## WHAT YOU SHOULD DO
Return the records word for word. Pictures do not belong in the copy.

## RECORD SET
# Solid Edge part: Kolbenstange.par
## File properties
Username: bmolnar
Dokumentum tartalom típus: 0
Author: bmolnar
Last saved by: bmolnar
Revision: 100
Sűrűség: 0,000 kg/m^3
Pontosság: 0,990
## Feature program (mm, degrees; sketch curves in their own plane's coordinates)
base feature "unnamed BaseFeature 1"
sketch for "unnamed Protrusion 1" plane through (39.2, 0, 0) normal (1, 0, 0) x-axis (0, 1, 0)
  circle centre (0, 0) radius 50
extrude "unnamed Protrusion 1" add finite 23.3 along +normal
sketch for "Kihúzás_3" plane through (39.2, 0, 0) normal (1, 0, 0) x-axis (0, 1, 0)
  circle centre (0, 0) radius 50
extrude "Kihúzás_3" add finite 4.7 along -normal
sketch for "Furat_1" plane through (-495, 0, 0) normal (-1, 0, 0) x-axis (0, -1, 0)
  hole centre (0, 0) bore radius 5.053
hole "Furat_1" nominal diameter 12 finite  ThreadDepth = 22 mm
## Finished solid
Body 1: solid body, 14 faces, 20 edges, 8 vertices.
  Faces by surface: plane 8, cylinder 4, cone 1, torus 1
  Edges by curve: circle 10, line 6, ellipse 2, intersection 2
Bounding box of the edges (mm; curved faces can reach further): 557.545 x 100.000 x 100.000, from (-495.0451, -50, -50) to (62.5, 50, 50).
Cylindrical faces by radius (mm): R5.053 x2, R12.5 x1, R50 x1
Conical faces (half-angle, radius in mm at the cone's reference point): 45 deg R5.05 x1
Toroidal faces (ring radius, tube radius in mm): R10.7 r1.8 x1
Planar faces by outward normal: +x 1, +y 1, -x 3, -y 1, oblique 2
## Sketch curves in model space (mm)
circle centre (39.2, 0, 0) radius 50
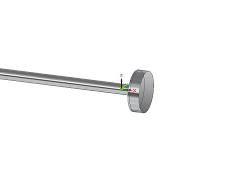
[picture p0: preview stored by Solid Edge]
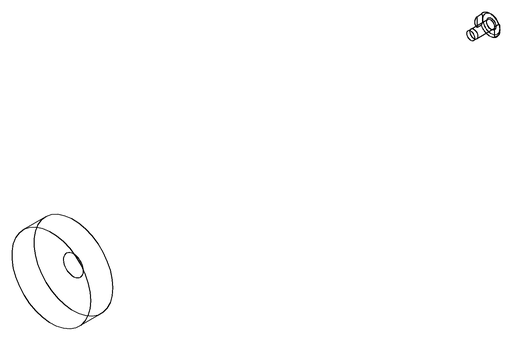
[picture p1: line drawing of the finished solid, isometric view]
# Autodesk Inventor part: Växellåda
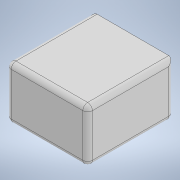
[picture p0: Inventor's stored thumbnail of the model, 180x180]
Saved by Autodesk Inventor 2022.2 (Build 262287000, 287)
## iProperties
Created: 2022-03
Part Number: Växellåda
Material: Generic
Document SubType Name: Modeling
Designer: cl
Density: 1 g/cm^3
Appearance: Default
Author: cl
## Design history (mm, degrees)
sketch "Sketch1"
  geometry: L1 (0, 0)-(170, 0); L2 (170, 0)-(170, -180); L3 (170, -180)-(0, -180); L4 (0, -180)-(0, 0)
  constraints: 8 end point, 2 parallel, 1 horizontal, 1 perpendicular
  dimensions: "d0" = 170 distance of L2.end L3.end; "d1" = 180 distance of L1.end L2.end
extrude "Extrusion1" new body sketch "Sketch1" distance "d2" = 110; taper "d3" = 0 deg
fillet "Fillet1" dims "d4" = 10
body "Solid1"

## EXPECTED ANSWER
# Solid Edge part: Kolbenstange.par
## File properties
Username: bmolnar
Dokumentum tartalom típus: 0
Author: bmolnar
Last saved by: bmolnar
Revision: 100
Sűrűség: 0,000 kg/m^3
Pontosság: 0,990
## Feature program (mm, degrees; sketch curves in their own plane's coordinates)
base feature "unnamed BaseFeature 1"
sketch for "unnamed Protrusion 1" plane through (39.2, 0, 0) normal (1, 0, 0) x-axis (0, 1, 0)
  circle centre (0, 0) radius 50
extrude "unnamed Protrusion 1" add finite 23.3 along +normal
sketch for "Kihúzás_3" plane through (39.2, 0, 0) normal (1, 0, 0) x-axis (0, 1, 0)
  circle centre (0, 0) radius 50
extrude "Kihúzás_3" add finite 4.7 along -normal
sketch for "Furat_1" plane through (-495, 0, 0) normal (-1, 0, 0) x-axis (0, -1, 0)
  hole centre (0, 0) bore radius 5.053
hole "Furat_1" nominal diameter 12 finite  ThreadDepth = 22 mm
## Finished solid
Body 1: solid body, 14 faces, 20 edges, 8 vertices.
  Faces by surface: plane 8, cylinder 4, cone 1, torus 1
  Edges by curve: circle 10, line 6, ellipse 2, intersection 2
Bounding box of the edges (mm; curved faces can reach further): 557.545 x 100.000 x 100.000, from (-495.0451, -50, -50) to (62.5, 50, 50).
Cylindrical faces by radius (mm): R5.053 x2, R12.5 x1, R50 x1
Conical faces (half-angle, radius in mm at the cone's reference point): 45 deg R5.05 x1
Toroidal faces (ring radius, tube radius in mm): R10.7 r1.8 x1
Planar faces by outward normal: +x 1, +y 1, -x 3, -y 1, oblique 2
## Sketch curves in model space (mm)
circle centre (39.2, 0, 0) radius 50
[picture p0: preview stored by Solid Edge]
[picture p1: line drawing of the finished solid, isometric view]
# Autodesk Inventor part: Växellåda
[picture p0: Inventor's stored thumbnail of the model, 180x180]
Saved by Autodesk Inventor 2022.2 (Build 262287000, 287)
## iProperties
Created: 2022-03
Part Number: Växellåda
Material: Generic
Document SubType Name: Modeling
Designer: cl
Density: 1 g/cm^3
Appearance: Default
Author: cl
## Design history (mm, degrees)
sketch "Sketch1"
  geometry: L1 (0, 0)-(170, 0); L2 (170, 0)-(170, -180); L3 (170, -180)-(0, -180); L4 (0, -180)-(0, 0)
  constraints: 8 end point, 2 parallel, 1 horizontal, 1 perpendicular
  dimensions: "d0" = 170 distance of L2.end L3.end; "d1" = 180 distance of L1.end L2.end
extrude "Extrusion1" new body sketch "Sketch1" distance "d2" = 110; taper "d3" = 0 deg
fillet "Fillet1" dims "d4" = 10
body "Solid1"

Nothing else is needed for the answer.